For some reason the Julia MPI jobs that I submit end in error due
to a lack of instantiation / activation. I do run it as
mpiexec julia --project=~/a64fx/FinEtoolsDDParallel.jl/examples ~/a64fx/FinEtoolsDDParallel.jl/examples/heat/Poisson2D_cg_mpi_driver.jl
and when I do just julia --project ~/a64fx/FinEtoolsDDParallel.jl/examples/
it works fine.
How do you guys run Julia on HPC?
1 Like
For me Distributed.jl was always enough. But I only had embarassingly parallel problems anyways and MPI always looked too complicated for that
On NERSC, one of my recent SLURM scripts looks like this (I cd to the project directory but one could replace the --project=.
with a specific path)
#!/bin/bash
#SBATCH -A mp107d
#SBATCH --qos=regular
#SBATCH -C cpu
#SBATCH -t 1:00:00
#SBATCH --nodes=32
#SBATCH --ntasks-per-node=16
#SBATCH --cpus-per-task=16
#SBATCH -J big_filter
#SBATCH --exclusive
cd YOUR_PROJECT_DIR
module load cray-mpich
module load cray-hdf5-parallel
export JULIA_NUM_THREADS=8
which julia
julia --project=. -e \
'using Pkg; using InteractiveUtils;
Pkg.instantiate(); Pkg.precompile(); Pkg.status(); versioninfo();
using MPI; println("MPI: ", MPI.identify_implementation());'
mpiexecjl --project=. --cpu-bind=cores julia fft_filter_6144.jl
1 Like
lxvm
June 5, 2024, 9:19pm
4
On my university cluster I need to set some environment variables/flags to get a multi-node MPI setup to work. Here is a template for the slurm script I use for distributed training of a neural network.
#SBATCH --nodes=2
#SBATCH --ntasks=80
#SBATCH --cpus-per-task=1
#SBATCH --exclusive
#SBATCH --time=4:00:00
#SBATCH --mem=0
module load julia/1.9.2
module load mpi/openmpi-4.1.5
...
~/.julia/bin/mpiexecjl --project=$PROJECT --mca btl_tcp_if_include eth0 -n 80 julia --project=$PROJECT script.jl
1 Like
Thank you all who responded. The setup was weird in some way: removed the depot, things changed. Not for (much) better, though.
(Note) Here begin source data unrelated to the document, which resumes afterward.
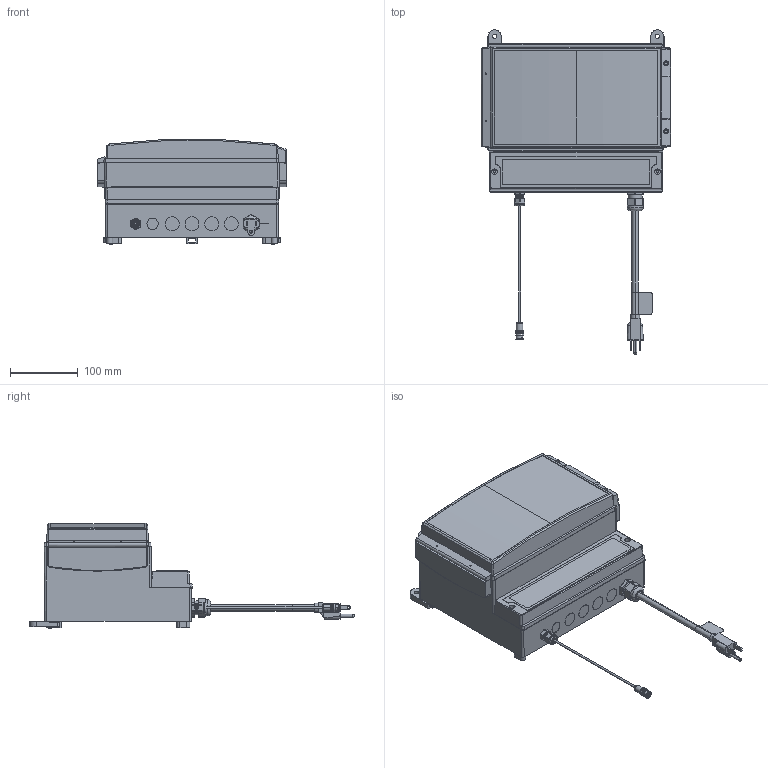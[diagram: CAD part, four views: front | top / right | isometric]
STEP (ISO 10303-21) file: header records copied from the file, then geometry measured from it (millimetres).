
FILE_DESCRIPTION (( 'STEP AP214' ), '1' );
FILE_NAME ('ORP-11,23.STEP', '2018-07-25T14:58:40', ( '' ), ( '' ), 'SwSTEP 2.0', 'SolidWorks 2017', '' );
FILE_SCHEMA (( 'AUTOMOTIVE_DESIGN' ));
Length unit declared in the file: inch
Products named in the file (1): ORP-11,23
Bounding box: 279.59 x 477.98 x 154.6 mm (x, y, z)
Surface area: 305106.1 mm2 (no closed solid volume)
Topology: 0 solids, 20 shells, 505 faces, 1966 edges, 1419 vertices
Faces by surface type: plane 247, cylinder 182, cone 30, bspline 21, torus 21, sphere 4
Entity records: 30128 total; most frequent: CARTESIAN_POINT 7401, DIRECTION 3294, ORIENTED_EDGE 3150, EDGE_CURVE 1966, VERTEX_POINT 1419, LINE 1156, VECTOR 1156, AXIS2_PLACEMENT_3D 1069

Now all the processes try to precompile and it is a huge mess of stale lock files and such. How do you handle that?
I would like to have a single depot on the lustre file system, and each process to use that depot. So now I need to prevent each process from trying to precompile stuff…
So you have a separate Julia depot on all nodes?
Using MPI is a pain! Could not agree more.
I figured out one way in which to run the sim with MPI, only to be stopped by a weird error: Ookami: MPI error opal_libevent2022_evthread_use_pthreads · Issue #835 · JuliaParallel/MPI.jl · GitHub
Edit: Looks like there is a solution.